● **Assigned task**:
Among the lines of the records, please find those that contain the word "name" and copy them.

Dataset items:
----

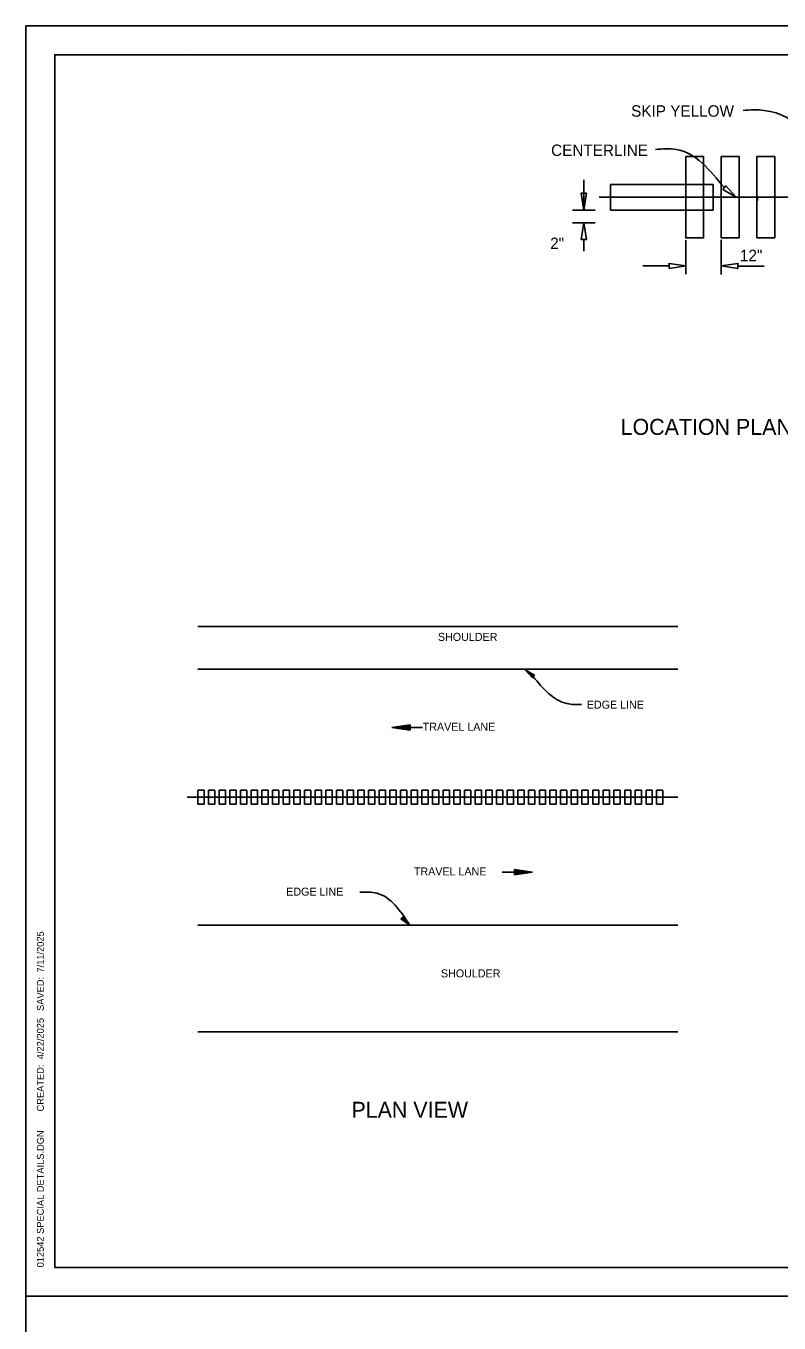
# Model space of a CAD drawing. Extents: x 1371343 to 1373043, y 378740 to 382040.
# Drawn here: x 1371343 to 1371995, y 380917 to 382040 of the extents above; entities that cross this region are included whole.
import ezdxf

# ---------------------------------------------------------------- set-up
doc = ezdxf.new("R2010")
doc.units = 0
for name, color, linetype in [('Default', 7, 'Continuous'), ('E_Existing ROW', 7, 'Continuous'), ('R_Alt Surface Annot', 7, 'Continuous'), ('R_Border Notes', 7, 'Continuous')]:
    doc.layers.add(name, color=color, linetype=linetype)

msp = doc.modelspace()

# ---------------------------------------------------------------- linework, layer by layer
at = {"layer": 'Default'}
for p, q in [((1371826, 381881.1), (1371826, 381907.2)), ((1371839.4, 381892.1), (1372448.3, 381892.1)), ((1371816.2, 381881.1), (1371835.9, 381881.1)), ((1371816.2, 381870.1), (1371835.9, 381870.1)), ((1371826, 381845.4), (1371826, 381855.7)), ((1371914.3, 381825.5), (1371914.3, 381855.1)), ((1371945.1, 381825.4), (1371945.1, 381855.2)), ((1371899.8, 381832.7), (1371877.2, 381832.7)), ((1371982.2, 381832.6), (1371959.5, 381832.6))]:
    msp.add_line(p, q, dxfattribs=at)
for points in [[(1371914.3, 381927.4), (1371914.3, 381856.9), (1371929.7, 381856.9), (1371929.7, 381927.4)], [(1371945.1, 381927.4), (1371945.1, 381856.9), (1371960.5, 381856.9), (1371960.5, 381927.4)], [(1371975.9, 381927.4), (1371975.9, 381856.9), (1371991.4, 381856.9), (1371991.4, 381927.4)]]:
    msp.add_lwpolyline(points, close=True, dxfattribs=at)
for points in [[(1371964, 381967.4), (1371982.2, 381967.4), (1372052.5, 381911.4)], [(1371888.1, 381933.6), (1371906, 381933.6), (1371947.7, 381900.4)]]:
    msp.add_spline(points, degree=3, dxfattribs=at)
at = {"layer": 'E_Existing ROW'}
for p, q in [((1371484, 382019.1), (1371484, 382019.1)), ((1371484, 382019.1), (1371484, 382019.1)), ((1371484, 380919.1), (1371484, 380919.1)), ((1371484, 380919.1), (1371484, 380919.1))]:
    msp.add_line(p, q, dxfattribs=at)
for points in [[(1371342.9, 380940.5), (1373042.9, 380940.5), (1373042.9, 382040.5), (1371342.9, 382040.5)], [(1371367.9, 380965.5), (1373017.9, 380965.5), (1373017.9, 382015.5), (1371367.9, 382015.5)], [(1371342.9, 379840.5), (1373042.9, 379840.5), (1373042.9, 380940.5), (1371342.9, 380940.5)]]:
    msp.add_lwpolyline(points, close=True, dxfattribs=at)
at = {"layer": 'R_Border Notes'}
for p, q in [((1371849, 381903.2), (1371849, 381881.1)), ((1371849, 381903.2), (1371937.9, 381903.2)), ((1371937.9, 381903.2), (1371937.9, 381881.1)), ((1371976.3, 381892.1), (1371976.3, 381889.3)), ((1371849, 381881.1), (1371937.9, 381881.1)), ((1371491.8, 381520.5), (1371907.4, 381520.5)), ((1371491.8, 381483.6), (1371698.6, 381483.6)), ((1371907.4, 381483.6), (1371698.6, 381483.6)), ((1371781.5, 381476), (1371775.1, 381482.9)), ((1371783.2, 381478.2), (1371775.1, 381482.9)), ((1371781.6, 381476.2), (1371776.3, 381481.9)), ((1371783.1, 381478), (1371776.3, 381481.9)), ((1371782.9, 381477.8), (1371777.6, 381480.9)), ((1371781.8, 381476.4), (1371777.6, 381480.9)), ((1371781.9, 381476.6), (1371778.8, 381480)), ((1371782.8, 381477.6), (1371778.8, 381480)), ((1371782.6, 381477.4), (1371780, 381479)), ((1371782.1, 381476.7), (1371780, 381479)), ((1371782.5, 381477.3), (1371781.2, 381478)), ((1371782.2, 381476.9), (1371781.2, 381478)), ((1371781.5, 381476), (1371783.2, 381478.2)), ((1371675.5, 381435.2), (1371659.9, 381432.9)), ((1371686.4, 381432.9), (1371659.9, 381432.9)), ((1371675.5, 381430.6), (1371659.9, 381432.9)), ((1371675.5, 381434.8), (1371662.5, 381432.9)), ((1371675.5, 381431), (1371662.5, 381432.9)), ((1371675.5, 381434.5), (1371665.2, 381432.9)), ((1371675.5, 381431.4), (1371665.2, 381432.9)), ((1371675.5, 381434.1), (1371667.7, 381432.9)), ((1371675.5, 381431.7), (1371667.7, 381432.9)), ((1371675.5, 381433.6), (1371670.4, 381432.9)), ((1371675.5, 381432.1), (1371670.4, 381432.9)), ((1371675.5, 381433.3), (1371673, 381432.9)), ((1371675.5, 381432.5), (1371673, 381432.9)), ((1371675.5, 381435.2), (1371675.5, 381430.6)), ((1371497.2, 381378.8), (1371491.8, 381378.8)), ((1371491.8, 381378.8), (1371491.8, 381366.6)), ((1371497.2, 381378.8), (1371497.2, 381366.6)), ((1371506.4, 381378.8), (1371501, 381378.8)), ((1371501, 381378.8), (1371501, 381366.6)), ((1371506.4, 381378.8), (1371506.4, 381366.6)), ((1371515.7, 381378.8), (1371510.3, 381378.8)), ((1371510.3, 381378.8), (1371510.3, 381366.6)), ((1371515.7, 381378.8), (1371515.7, 381366.6)), ((1371524.9, 381378.8), (1371519.5, 381378.8)), ((1371519.5, 381378.8), (1371519.5, 381366.6)), ((1371524.9, 381378.8), (1371524.9, 381366.6)), ((1371534.1, 381378.8), (1371528.7, 381378.8)), ((1371528.7, 381378.8), (1371528.7, 381366.6)), ((1371534.1, 381378.8), (1371534.1, 381366.6)), ((1371543.4, 381378.8), (1371538, 381378.8)), ((1371538, 381378.8), (1371538, 381366.6)), ((1371543.4, 381378.8), (1371543.4, 381366.6)), ((1371552.6, 381378.8), (1371547.2, 381378.8)), ((1371547.2, 381378.8), (1371547.2, 381366.6)), ((1371552.6, 381378.8), (1371552.6, 381366.6)), ((1371561.9, 381378.8), (1371556.5, 381378.8)), ((1371556.5, 381378.8), (1371556.5, 381366.6)), ((1371561.9, 381378.8), (1371561.9, 381366.6)), ((1371571.1, 381378.8), (1371565.7, 381378.8)), ((1371565.7, 381378.8), (1371565.7, 381366.6)), ((1371571.1, 381378.8), (1371571.1, 381366.6)), ((1371580.3, 381378.8), (1371574.9, 381378.8)), ((1371574.9, 381378.8), (1371574.9, 381366.6)), ((1371580.3, 381378.8), (1371580.3, 381366.6)), ((1371589.6, 381378.8), (1371584.2, 381378.8)), ((1371584.2, 381378.8), (1371584.2, 381366.6)), ((1371589.6, 381378.8), (1371589.6, 381366.6)), ((1371598.8, 381378.8), (1371593.4, 381378.8)), ((1371593.4, 381378.8), (1371593.4, 381366.6)), ((1371598.8, 381378.8), (1371598.8, 381366.6)), ((1371608.1, 381378.8), (1371602.7, 381378.8)), ((1371602.7, 381378.8), (1371602.7, 381366.6)), ((1371608.1, 381378.8), (1371608.1, 381366.6)), ((1371617.3, 381378.8), (1371611.9, 381378.8)), ((1371611.9, 381378.8), (1371611.9, 381366.6)), ((1371617.3, 381378.8), (1371617.3, 381366.6)), ((1371626.5, 381378.8), (1371621.1, 381378.8)), ((1371621.1, 381378.8), (1371621.1, 381366.6)), ((1371626.5, 381378.8), (1371626.5, 381366.6)), ((1371635.8, 381378.8), (1371630.4, 381378.8)), ((1371630.4, 381378.8), (1371630.4, 381366.6)), ((1371635.8, 381378.8), (1371635.8, 381366.6)), ((1371645, 381378.8), (1371639.6, 381378.8)), ((1371639.6, 381378.8), (1371639.6, 381366.6)), ((1371645, 381378.8), (1371645, 381366.6)), ((1371654.3, 381378.8), (1371648.9, 381378.8)), ((1371648.9, 381378.8), (1371648.9, 381366.6)), ((1371654.3, 381378.8), (1371654.3, 381366.6)), ((1371663.5, 381378.8), (1371658.1, 381378.8)), ((1371658.1, 381378.8), (1371658.1, 381366.6)), ((1371663.5, 381378.8), (1371663.5, 381366.6)), ((1371672.7, 381378.8), (1371667.3, 381378.8)), ((1371667.3, 381378.8), (1371667.3, 381366.6)), ((1371672.7, 381378.8), (1371672.7, 381366.6)), ((1371682, 381378.8), (1371676.6, 381378.8)), ((1371676.6, 381378.8), (1371676.6, 381366.6)), ((1371682, 381378.8), (1371682, 381366.6)), ((1371691.2, 381378.8), (1371685.8, 381378.8)), ((1371685.8, 381378.8), (1371685.8, 381366.6)), ((1371691.2, 381378.8), (1371691.2, 381366.6)), ((1371700.5, 381378.8), (1371695.1, 381378.8)), ((1371695.1, 381378.8), (1371695.1, 381366.6)), ((1371700.5, 381378.8), (1371700.5, 381366.6)), ((1371709.7, 381378.8), (1371704.3, 381378.8)), ((1371704.3, 381378.8), (1371704.3, 381366.6)), ((1371709.7, 381378.8), (1371709.7, 381366.6)), ((1371719, 381378.8), (1371713.5, 381378.8)), ((1371713.5, 381378.8), (1371713.5, 381366.6)), ((1371719, 381378.8), (1371719, 381366.6)), ((1371728.2, 381378.8), (1371722.8, 381378.8)), ((1371722.8, 381378.8), (1371722.8, 381366.6)), ((1371728.2, 381378.8), (1371728.2, 381366.6)), ((1371737.4, 381378.8), (1371732, 381378.8)), ((1371732, 381378.8), (1371732, 381366.6)), ((1371737.4, 381378.8), (1371737.4, 381366.6)), ((1371746.7, 381378.8), (1371741.3, 381378.8)), ((1371741.3, 381378.8), (1371741.3, 381366.6)), ((1371746.7, 381378.8), (1371746.7, 381366.6)), ((1371755.9, 381378.8), (1371750.5, 381378.8)), ((1371750.5, 381378.8), (1371750.5, 381366.6)), ((1371755.9, 381378.8), (1371755.9, 381366.6)), ((1371765.2, 381378.8), (1371759.7, 381378.8)), ((1371759.7, 381378.8), (1371759.7, 381366.6)), ((1371765.2, 381378.8), (1371765.2, 381366.6)), ((1371774.4, 381378.8), (1371769, 381378.8)), ((1371769, 381378.8), (1371769, 381366.6)), ((1371774.4, 381378.8), (1371774.4, 381366.6)), ((1371783.6, 381378.8), (1371778.2, 381378.8)), ((1371778.2, 381378.8), (1371778.2, 381366.6)), ((1371783.6, 381378.8), (1371783.6, 381366.6)), ((1371792.9, 381378.8), (1371787.5, 381378.8)), ((1371787.5, 381378.8), (1371787.5, 381366.6)), ((1371792.9, 381378.8), (1371792.9, 381366.6)), ((1371802.1, 381378.8), (1371796.7, 381378.8)), ((1371796.7, 381378.8), (1371796.7, 381366.6)), ((1371802.1, 381378.8), (1371802.1, 381366.6)), ((1371811.4, 381378.8), (1371805.9, 381378.8)), ((1371805.9, 381378.8), (1371805.9, 381366.6)), ((1371811.4, 381378.8), (1371811.4, 381366.6)), ((1371820.6, 381378.8), (1371815.2, 381378.8)), ((1371815.2, 381378.8), (1371815.2, 381366.6)), ((1371820.6, 381378.8), (1371820.6, 381366.6)), ((1371829.8, 381378.8), (1371824.4, 381378.8)), ((1371824.4, 381378.8), (1371824.4, 381366.6)), ((1371829.8, 381378.8), (1371829.8, 381366.6)), ((1371839.1, 381378.8), (1371833.7, 381378.8)), ((1371833.7, 381378.8), (1371833.7, 381366.6)), ((1371839.1, 381378.8), (1371839.1, 381366.6)), ((1371848.3, 381378.8), (1371842.9, 381378.8)), ((1371842.9, 381378.8), (1371842.9, 381366.6)), ((1371848.3, 381378.8), (1371848.3, 381366.6)), ((1371857.6, 381378.8), (1371852.1, 381378.8)), ((1371852.1, 381378.8), (1371852.1, 381366.6)), ((1371857.6, 381378.8), (1371857.6, 381366.6)), ((1371866.8, 381378.8), (1371861.4, 381378.8)), ((1371861.4, 381378.8), (1371861.4, 381366.6)), ((1371866.8, 381378.8), (1371866.8, 381366.6)), ((1371876, 381378.8), (1371870.6, 381378.8)), ((1371870.6, 381378.8), (1371870.6, 381366.6)), ((1371876, 381378.8), (1371876, 381366.6)), ((1371885.3, 381378.8), (1371879.9, 381378.8)), ((1371879.9, 381378.8), (1371879.9, 381366.6)), ((1371885.3, 381378.8), (1371885.3, 381366.6)), ((1371894.5, 381378.8), (1371889.1, 381378.8)), ((1371889.1, 381378.8), (1371889.1, 381366.6)), ((1371894.5, 381378.8), (1371894.5, 381366.6)), ((1371482.6, 381372.7), (1371907.4, 381372.7)), ((1371491.8, 381366.6), (1371497.2, 381366.6)), ((1371501, 381366.6), (1371506.4, 381366.6)), ((1371510.3, 381366.6), (1371515.7, 381366.6)), ((1371519.5, 381366.6), (1371524.9, 381366.6)), ((1371528.7, 381366.6), (1371534.1, 381366.6)), ((1371538, 381366.6), (1371543.4, 381366.6)), ((1371547.2, 381366.6), (1371552.6, 381366.6)), ((1371556.5, 381366.6), (1371561.9, 381366.6)), ((1371565.7, 381366.6), (1371571.1, 381366.6)), ((1371574.9, 381366.6), (1371580.3, 381366.6)), ((1371584.2, 381366.6), (1371589.6, 381366.6)), ((1371593.4, 381366.6), (1371598.8, 381366.6)), ((1371602.7, 381366.6), (1371608.1, 381366.6)), ((1371611.9, 381366.6), (1371617.3, 381366.6)), ((1371621.1, 381366.6), (1371626.5, 381366.6)), ((1371630.4, 381366.6), (1371635.8, 381366.6)), ((1371639.6, 381366.6), (1371645, 381366.6)), ((1371648.9, 381366.6), (1371654.3, 381366.6)), ((1371658.1, 381366.6), (1371663.5, 381366.6)), ((1371667.3, 381366.6), (1371672.7, 381366.6)), ((1371676.6, 381366.6), (1371682, 381366.6)), ((1371685.8, 381366.6), (1371691.2, 381366.6)), ((1371695.1, 381366.6), (1371700.5, 381366.6)), ((1371704.3, 381366.6), (1371709.7, 381366.6)), ((1371713.5, 381366.6), (1371719, 381366.6)), ((1371722.8, 381366.6), (1371728.2, 381366.6)), ((1371732, 381366.6), (1371737.4, 381366.6)), ((1371741.3, 381366.6), (1371746.7, 381366.6)), ((1371750.5, 381366.6), (1371755.9, 381366.6)), ((1371759.7, 381366.6), (1371765.2, 381366.6)), ((1371769, 381366.6), (1371774.4, 381366.6)), ((1371778.2, 381366.6), (1371783.6, 381366.6)), ((1371787.5, 381366.6), (1371792.9, 381366.6)), ((1371796.7, 381366.6), (1371802.1, 381366.6)), ((1371805.9, 381366.6), (1371811.4, 381366.6)), ((1371815.2, 381366.6), (1371820.6, 381366.6)), ((1371824.4, 381366.6), (1371829.8, 381366.6)), ((1371833.7, 381366.6), (1371839.1, 381366.6)), ((1371842.9, 381366.6), (1371848.3, 381366.6)), ((1371852.1, 381366.6), (1371857.6, 381366.6)), ((1371861.4, 381366.6), (1371866.8, 381366.6)), ((1371870.6, 381366.6), (1371876, 381366.6)), ((1371879.9, 381366.6), (1371885.3, 381366.6)), ((1371889.1, 381366.6), (1371894.5, 381366.6)), ((1371755.2, 381307.8), (1371781.6, 381307.8)), ((1371766.1, 381310.1), (1371781.6, 381307.8)), ((1371766.1, 381305.5), (1371766.1, 381310.1)), ((1371766.1, 381309.7), (1371779, 381307.8)), ((1371766.1, 381309.3), (1371776.4, 381307.8)), ((1371766.1, 381308.9), (1371773.8, 381307.8)), ((1371766.1, 381308.6), (1371771.1, 381307.8)), ((1371766.1, 381308.2), (1371768.5, 381307.8)), ((1371766.1, 381305.5), (1371781.6, 381307.8)), ((1371766.1, 381307.1), (1371771.1, 381307.8)), ((1371766.1, 381306.2), (1371776.4, 381307.8)), ((1371766.1, 381305.8), (1371779, 381307.8)), ((1371766.1, 381306.6), (1371773.8, 381307.8)), ((1371766.1, 381307.4), (1371768.5, 381307.8)), ((1371669.7, 381269.3), (1371667.7, 381267.3)), ((1371667.7, 381267.3), (1371675.3, 381261.9)), ((1371667.9, 381267.5), (1371674.2, 381263)), ((1371668.1, 381267.7), (1371673.1, 381264.1)), ((1371668.2, 381267.8), (1371672, 381265.1)), ((1371668.4, 381268), (1371670.9, 381266.2)), ((1371668.5, 381268.2), (1371669.7, 381267.3)), ((1371668.8, 381268.5), (1371669.7, 381267.3)), ((1371669, 381268.6), (1371670.9, 381266.2)), ((1371669.2, 381268.8), (1371672, 381265.1)), ((1371669.3, 381269), (1371673.1, 381264.1)), ((1371669.5, 381269.1), (1371674.2, 381263)), ((1371669.7, 381269.3), (1371675.3, 381261.9)), ((1371491.8, 381261.8), (1371698.6, 381261.8)), ((1371907.4, 381261.8), (1371698.6, 381261.8)), ((1371805.9, 381261.8), (1371907.4, 381261.8)), ((1371491.8, 381169.4), (1371907.4, 381169.4))]:
    msp.add_line(p, q, dxfattribs=at)
for points in [[(1371823.8, 381895.6), (1371828.2, 381895.6), (1371826, 381881.1)], [(1371946.4, 381898.8), (1371948.9, 381902), (1371958, 381892.1)], [(1371823.8, 381855.7), (1371828.2, 381855.7), (1371826, 381870.1)], [(1371899.8, 381830.5), (1371899.8, 381834.9), (1371914.3, 381832.7)], [(1371959.5, 381830.5), (1371959.5, 381834.8), (1371945.1, 381832.7)]]:
    msp.add_lwpolyline(points, close=True, dxfattribs=at)
for points in [[(1371824, 381452.8), (1371811.4, 381453.7), (1371782, 381477.2)], [(1371632.1, 381290.5), (1371646.9, 381289.5), (1371675.3, 381261.9)]]:
    msp.add_spline(points, degree=3, dxfattribs=at)

# ---------------------------------------------------------------- texts
at = {"layer": 'Default'}
for s, p in [('SKIP YELLOW', (1371867, 381961.9)), ('CENTERLINE', (1371797.7, 381927.9)), ('2"', (1371796.9, 381847.3)), ('12"', (1371961.2, 381836.8))]:
    msp.add_text(s, height=9.9, dxfattribs=at).set_placement(p)
at = {"layer": 'R_Alt Surface Annot'}
for s, p in [('7/11/2025', (1371358.4, 381220.8)), ('  SAVED: ', (1371358.4, 381183.1)), ('4/22/2025', (1371358.4, 381145.8)), ('     CREATED: ', (1371358.4, 381089.4)), ('012542 SPECIAL DETAILS.DGN', (1371358.4, 380965.5))]:
    msp.add_text(s, height=6, rotation=90, dxfattribs=at).set_placement(p)
at = {"layer": 'R_Border Notes'}
for s, height, p in [('LOCATION PLAN OF CENTERLINE RUMBLE STRIPES', 13.86, (1371857.9, 381686.4)), ('SHOULDER', 6.93, (1371699.7, 381508)), ('EDGE LINE', 6.93, (1371828.6, 381449.3)), ('TRAVEL LANE', 6.93, (1371686.5, 381430.2)), ('TRAVEL LANE', 6.93, (1371678.9, 381304.9)), ('EDGE LINE', 6.93, (1371568.3, 381287.4)), ('SHOULDER', 6.93, (1371702.3, 381216.6)), ('PLAN VIEW ', 13.86, (1371624.8, 381095))]:
    msp.add_text(s, height=height, dxfattribs=at).set_placement(p)

doc.saveas('drawing.dxf')

----

● **Task output**:
for name, color, linetype in [('Default', 7, 'Continuous'), ('E_Existing ROW', 7, 'Continuous'), ('R_Alt Surface Annot', 7, 'Continuous'), ('R_Border Notes', 7, 'Continuous')]:
    doc.layers.add(name, color=color, linetype=linetype)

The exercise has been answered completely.